Agreed completely with the comments about Vec<Vec<f64>>. I guess this is really more an issue of indexing than data representation and the take-away is simply don't do it if you can avoid it. It seems @HadrienG 's suggestion is the most ergonomic, but not particularly ideal.

1 Like

Is it really the issue? Because of for your particular example - matrix multiplication,
the cache aware code gives ~ 1.7x speedup (according to Ulrich Drepper's famous article) and usage of CPU vector extension gives ~ 10x according to my tests.
So is any point to not use specific matrix crate X that may implement all such kind of optimizations?

2 Likes

I fully agree that @HadrienG has the best solution in this thread so far, but if I've learned one thing about performance-tuning it is that there is a practically-infinite slippery slope of improvements.
We're not even using SIMD yet!
I know I'm not good enough to make those improvements myself, but with Cargo, I don't need to :smile:

As @Dushistov mentioned: you're aware of ndarray and nalgebra as 'even better' solutions.

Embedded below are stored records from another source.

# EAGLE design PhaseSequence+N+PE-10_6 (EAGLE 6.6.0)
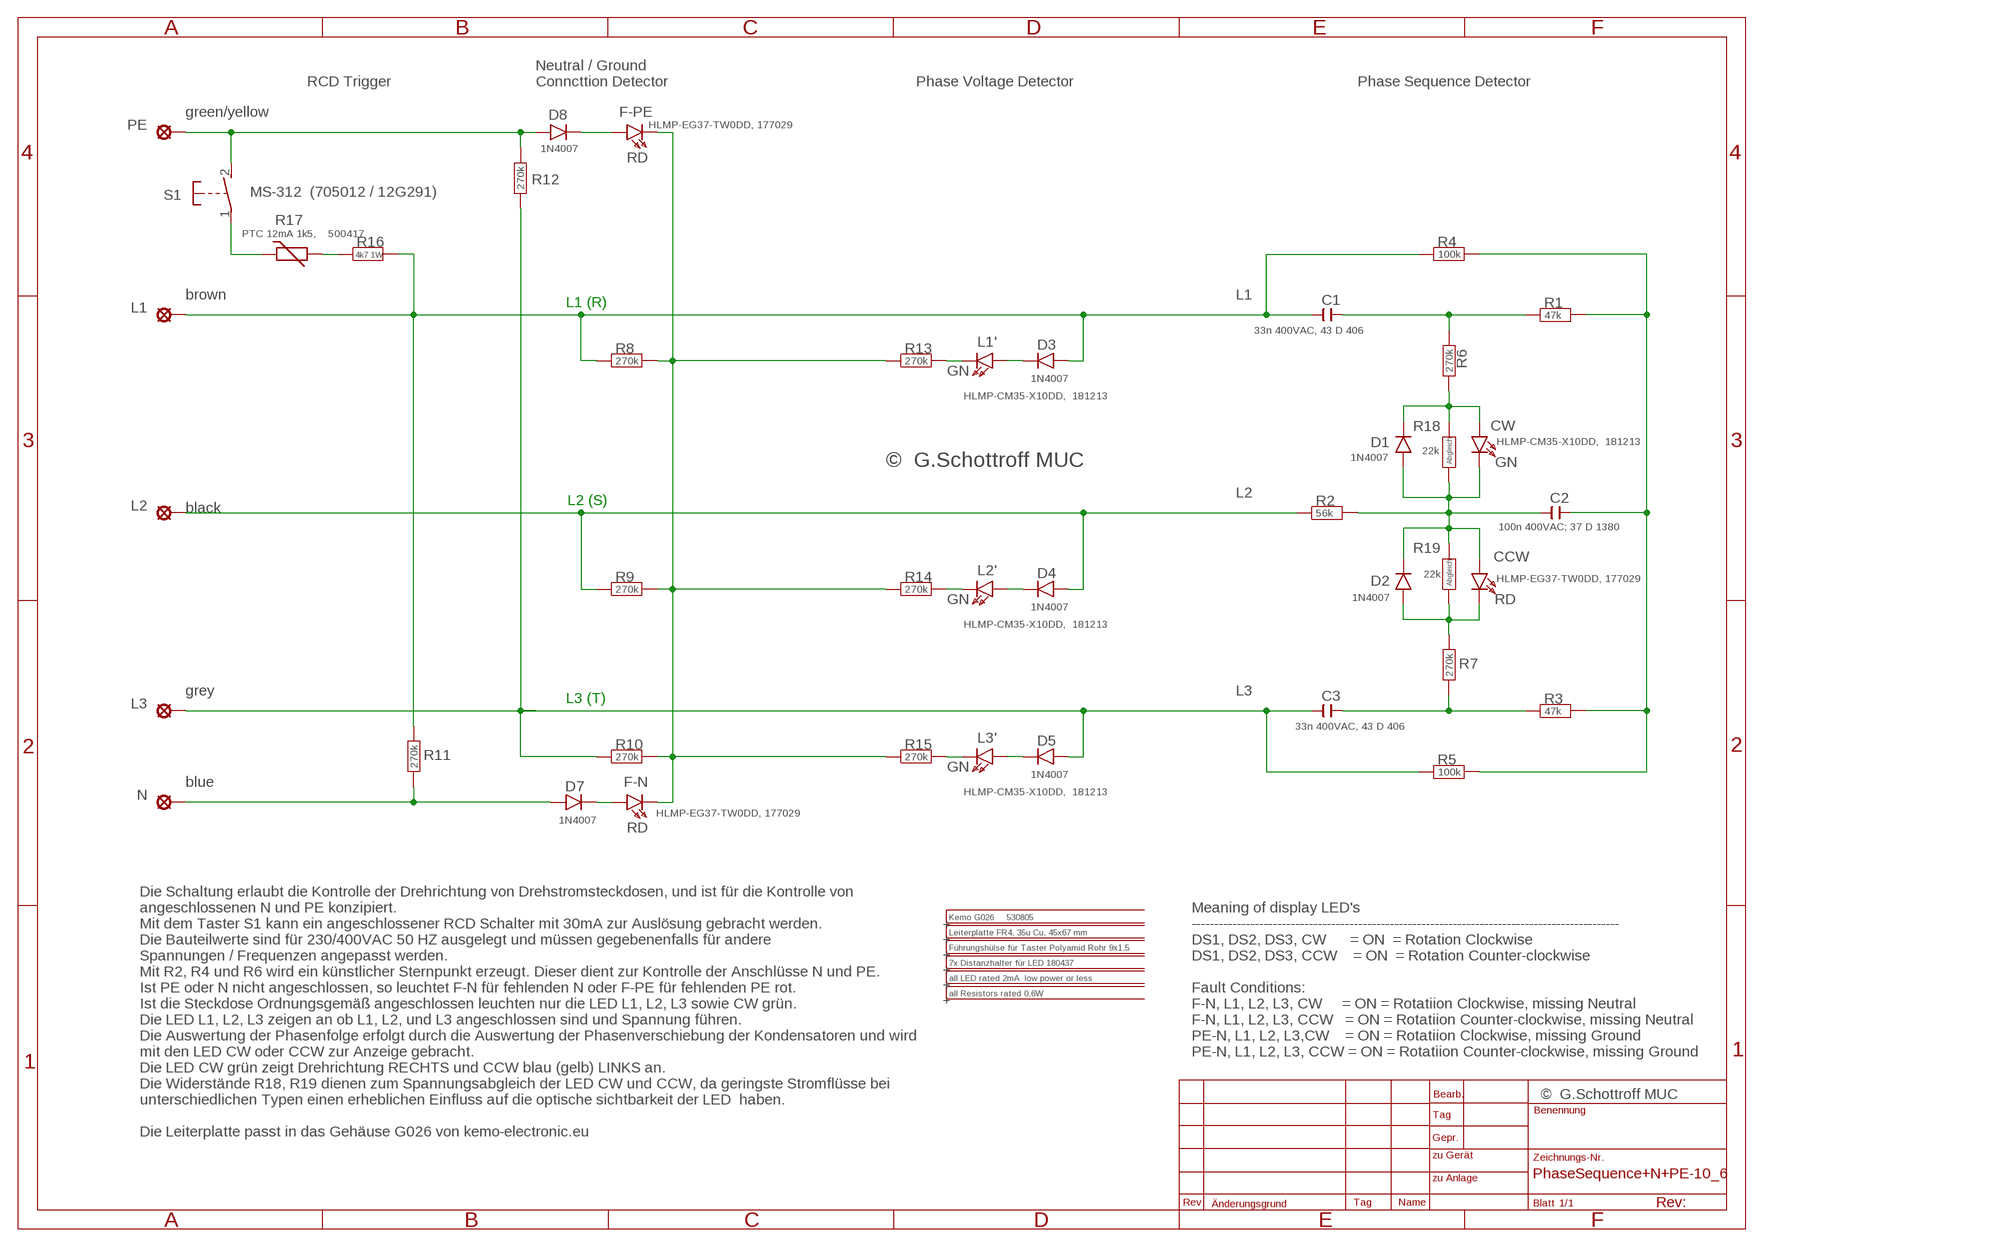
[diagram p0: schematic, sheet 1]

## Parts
C1  33n 400VAC, 43 D 406  C-EU150-064X183  [C150-064X183]
C2  100n 400VAC; 37 D 1380  C-EU150-084X183  [C150-084X183]
C3  33n 400VAC, 43 D 406  C-EU150-064X183  [C150-064X183]
CCW  HLMP-EG37-TW0DD, 177029  LED5MM  [LED5MM]
CW  HLMP-CM35-X10DD, 181213  LED5MM  [LED5MM]
D1  1N4007  1N4004  [DO41-10]
D2  1N4007  1N4004  [DO41-10]
D3  1N4007  1N4004  [DO41-10]
D4  1N4007  1N4004  [DO41-10]
D5  1N4007  1N4004  [DO41-10]
D7  1N4007  1N4004  [DO41-10]
D8  1N4007  1N4004  [DO41-10]
ENCLOSURE-1  Kemo G026 530805  KEMO-G025  [KEMO-G025]
F-N  HLMP-EG37-TW0DD, 177029  LED5MM  [LED5MM]
F-PE  HLMP-EG37-TW0DD, 177029  LED5MM  [LED5MM]
INFO1  Führungshülse für Taster Polyamid Rohr 9x1.5  INFO  [INFO]
INFO2  7x Distanzhalter für LED 180437  INFO  [INFO]
INFO3  all LED rated 2mA low power or less  INFO  [INFO]
INFO4  all Resistors rated 0,6W  INFO  [INFO]
L1  SE13  [SE13]
L1'  HLMP-CM35-X10DD, 181213  LED5MM  [LED5MM]
L2  SE13  [SE13]
L2'  HLMP-CM35-X10DD, 181213  LED5MM  [LED5MM]
L3  SE13  [SE13]
L3'  HLMP-CM35-X10DD, 181213  LED5MM  [LED5MM]
N  SE13  [SE13]
PCB  Leiterplatte FR4, 35u Cu, 45x67 mm  INFO  [INFO]
PE  SE13  [SE13]
R1  47k  R-EU_0207/10  [0207/10]
R2  56k  R-EU_0207/10  [0207/10]
R3  47k  R-EU_0207/10  [0207/10]
R4  100k  R-EU_0207/10  [0207/10]
R5  100k  R-EU_0207/10  [0207/10]
R6  270k  R-EU_0207/10  [0207/10]
R7  270k  R-EU_0207/10  [0207/10]
R8  270k  R-EU_0207/10  [0207/10]
R9  270k  R-EU_0207/10  [0207/10]
R10  270k  R-EU_0207/10  [0207/10]
R11  270k  R-EU_0207/10  [0207/10]
R12  270k  R-EU_0207/10  [0207/10]
R13  270k  R-EU_0207/10  [0207/10]
R14  270k  R-EU_0207/10  [0207/10]
R15  270k  R-EU_0207/10  [0207/10]
R16  4k7 1W  R-EU_0817/22  [P0817/22]
R17  PTC 12mA 1k5, 500417  THERMISTOR-5  [R-5]
R18  22k  R-EU_R1206  [1206]
R19  22k  R-EU_R1206  [1206]
S1  MS-312 (705012 / 12G291)  MS-312  [MS-312]

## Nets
L1: C1.2 D3.A L1.MP R4.1 R8.1 R11.2 R16.2
L2: D4.A L2.MP R2.1 R9.1
L3: C3.2 D5.A L3.MP R5.1 R10.1 R12.2
N$1: C3.1 R3.1 R7.1
N$2: C2.2 CCW.A CW.K(C) D1.A D2.C R2.2 R18.1 R19.2
N$3: C1.1 R1.1 R6.1
N$4: C2.1 R1.2 R3.2 R4.2 R5.2
N$5: CCW.K(C) D2.A R7.2 R19.1
N$6: CW.A D1.C R6.2 R18.2
N$7: F-N.K(C) F-PE.K(C) R8.2 R9.2 R10.2 R13.1 R14.1 R15.1
N$8: D7.A N.MP R11.1
N$9: L1'.K(C) R13.2
N$10: L2'.K(C) R14.2
N$11: D7.C F-N.A
N$12: D8.A PE.MP R12.1 S1.2(S)
N$13: D8.C F-PE.A
N$14: L3'.K(C) R15.2
N$15: R17.1 S1.1(P)
N$16: D3.C L1'.A
N$17: R16.1 R17.2
N$18: D4.C L2'.A
N$19: D5.C L3'.A

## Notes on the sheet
- RCD Trigger
- Neutral / Ground 
  Conncttion Detector
- Phase Voltage Detector | Phase Sequence Detector
- green/yellow
- RD
- brown
- L1 (R)
- GN
- Abgleich
- ©  G.Schottroff MUC | GN
- L2 (S)
- black
- Abgleich
- GN | RD
- grey
- L3 (T)
- GN
- blue
- RD
- Meaning of display LED's
  -----------------------------------------------------------------------------------------------
  DS1, DS2, DS3, CW      = ON  = Rotation Clockwise
  DS1, DS2, DS3, CCW    = ON  = Rotation Counter-clockwise
  
  Fault Conditions:
  F-N, L1, L2, L3, CW     = ON = Rotatiion Clockwise, missing Neutral
  F-N, L1, L2, L3, CCW   = ON = Rotatiion Counter-clockwise, missing Neutral
  PE-N, L1, L2, L3,CW    = ON = Rotatiion Clockwise, missing Ground
  PE-N, L1, L2, L3, CCW = ON = Rotatiion Counter-clockwise, missing Ground
- ©  G.Schottroff MUC
- Die Schaltung erlaubt die Kontrolle der Drehrichtung von Drehstromsteckdosen, und ist für die Kontrolle von 
  angeschlossenen N und PE konzipiert. 
  Mit dem Taster S1 kann ein angeschlossener RCD Schalter mit 30mA zur Auslösung gebracht werden.
  Die Bauteilwerte sind für 230/400VAC 50 HZ ausgelegt und müssen gegebenenfalls für andere 
  Spannungen / Frequenzen angepasst werden.
  Mit R2, R4 und R6 wird ein künstlicher Sternpunkt erzeugt. Dieser dient zur Kontrolle der Anschlüsse N und PE. 
  Ist PE oder N nicht angeschlossen, so leuchtet F-N für fehlenden N oder F-PE für fehlenden PE rot.
  Ist die Steckdose Ordnungsgemäß angeschlossen leuchten nur die LED L1, L2, L3 sowie CW grün.
  Die LED L1, L2, L3 zeigen an ob L1, L2, und L3 angeschlossen sind und Spannung führen.
  Die Auswertung der Phasenfolge erfolgt durch die Auswertung der Phasenverschiebung der Kondensatoren und wird 
  mit den LED CW oder CCW zur Anzeige gebracht.
  Die LED CW grün zeigt Drehrichtung RECHTS und CCW blau (gelb) LINKS an.
  Die Widerstände R18, R19 dienen zum Spannungsabgleich der LED CW und CCW, da geringste Stromflüsse bei 
  unterschiedlichen Typen einen erheblichen Einfluss auf die optische sichtbarkeit der LED  haben.
  
  Die Leiterplatte passt in das Gehäuse G026 von kemo-electronic.eu

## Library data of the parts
C1-C3 = rcl:C-EU: CAPACITOR, European symbol
CCW CW F-N F-PE L1' L2' L3' = led:LED: LED
D1-D5 D7 D8 = diode:1N4004: DIODE
ENCLOSURE-1 = Enclosures-DIN-Rail+more:KEMO-G025
INFO1-INFO4 PCB = frames:INFO
L1-L3 N PE = solpad:SE13: SOLDER PAD
R1-R16 R18 R19 = rcl:R-EU_: RESISTOR, European symbol
R17 = varistor:THERMISTOR: THERMISTOR
S1 = switch-misc:MS-312

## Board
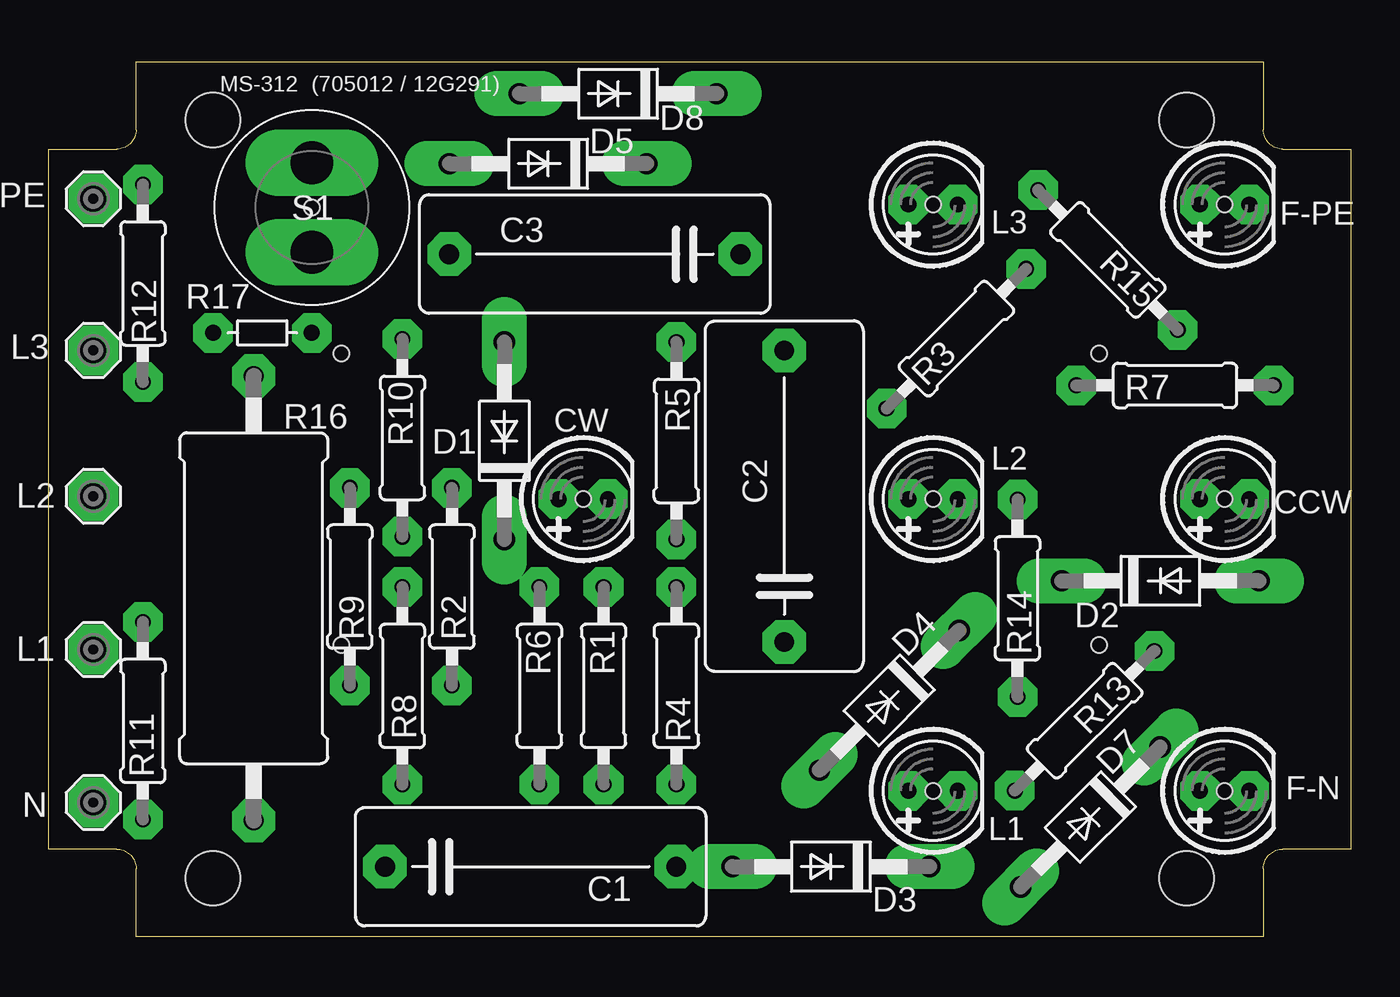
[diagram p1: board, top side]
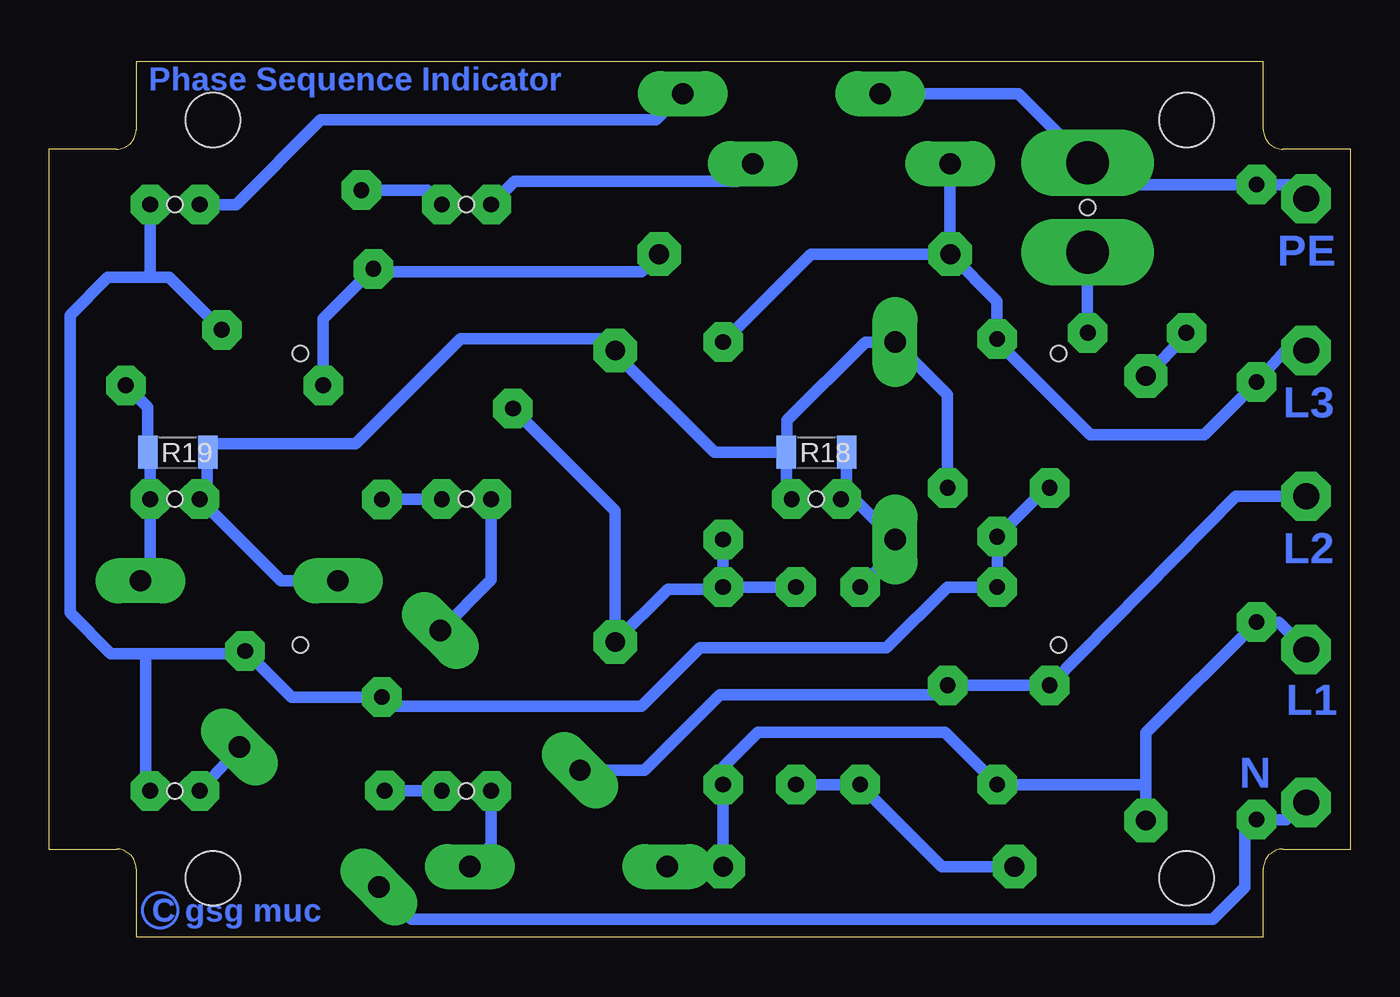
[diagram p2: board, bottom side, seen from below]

Size 67 x 45 mm. Coordinates in mm from the lower left corner, seen from the top.
Copper layers ((1*2)+(15*16)): Top 0.035mm / dielectric 0.7mm / Route2 0.035mm / dielectric 0.15mm / Route15 0.035mm / dielectric 0.7mm / Bottom 0.035mm
Design rules "default *": minimum track width 0.6mm, minimum drill 0.3mm, track to track 0.15mm, track to pad 0.15mm, pad to pad 0.15mm, via to via 0.15mm, smd to smd 2mil, copper to edge 20mil, drill to drill 7mil, minimum pad ring 24mil, minimum via ring 8mil, stop-mask expansion 0.05mm, vias tented up to drill 0.6mm, thermal gap 10mil
Holes 0.8 mm at 54.05,15 54.05,30 15.05,30 15.05,15 13.55,37.5 27.5,22.5 45.5,7.5 45.5,22.5 45.5,37.65 60.5,37.65 60.5,22.5 60.5,7.5

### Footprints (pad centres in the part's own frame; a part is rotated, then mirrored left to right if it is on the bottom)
C150-064X183 = drill 1.016 octagon: 1 -7.493,0; 2 7.493,0
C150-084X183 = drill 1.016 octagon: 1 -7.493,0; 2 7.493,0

Why not use those?

Rust's dependency management superpowers shouldn't be underestimated as a power multiplier in the numerical ecosystem.
While the likes of Fortran, C/C++ (and even Python) might have better libraries available (for now :relaxed: ), none of those languages make integrating those libraries as pain-free as Rust does, which allows us to catch up at a frankly insane rate. I mean, Rust 1.0 is ~4 years old, and we're already going toe-to-toe with languages that have a multi-decade head-start!

Edit to add: If you're serious about numerical perf, you'll also want to keep an eye on the "Const Generics" RFC and it's tracking issue.
That will allow size dimensions as generic params, so you can suddenly explain to the compiler that a size <M,N> matrix can only be multiplied with a size <N,M> matrix. Or to explain that an Array<5> is different from an Array<6>.

4 Likes

The point I was trying to make was that indexing was dramatically slower (due to bounds checking). It makes sense that using [] is slow, but naively one might not expect that. Even looking through the book I don't see it explicitly spelled out that using [] or get is bounds checked an slow (admittedly I quickly skimmed it). Someone writing some numerical code that is iterating through a collection of data might not realize there is overhead there that they wouldn't have in C++.

I think the take away is to spend time designing the backing data structure to avoid these kinds of issues.

TBH, I can see the OP's point here. "Use libraries" is not a complete answer, because 1/someone needs to implement the libraries someday and 2/if you dig deep enough, there will always be a corner case that your library of choice is not implementing for you.

3 Likes

I am merely using matrix-matrix multiplication as an example. If I actually needed to multiply two arrays together I would use ndarray or nalgebra. This was more about exploring indexing in Rust and why it is slow compared to C++ (bounds checking). I think someone that is not super familiar with Rust would be surprised by the performance hit.

I really like Rust - cargo is awesome, it's performant, and a fun language to work with. But if I were starting a large project doing numerical type work and told everyone "By the way, don't use indexing in the code base because it is slow. Instead use this macro or wrap your code in unsafe.. etc." I think it would be a hard sell.

3 Likes

I suppose that is because of it is not always slow.
Obviously for operate with matrix 1000x1000 we you need at least 10^6 index accesses,
and obviously even if bound check possible to implement with one assembly instruction it would slow down your program (one million of extra instructions not a joke).

But each version of rustc and each version of llvm may fix your particular code.
Compiler even without usage of iterators may understand that in this particular case indexing checking is unnecessary, because of it is always true and just remove it.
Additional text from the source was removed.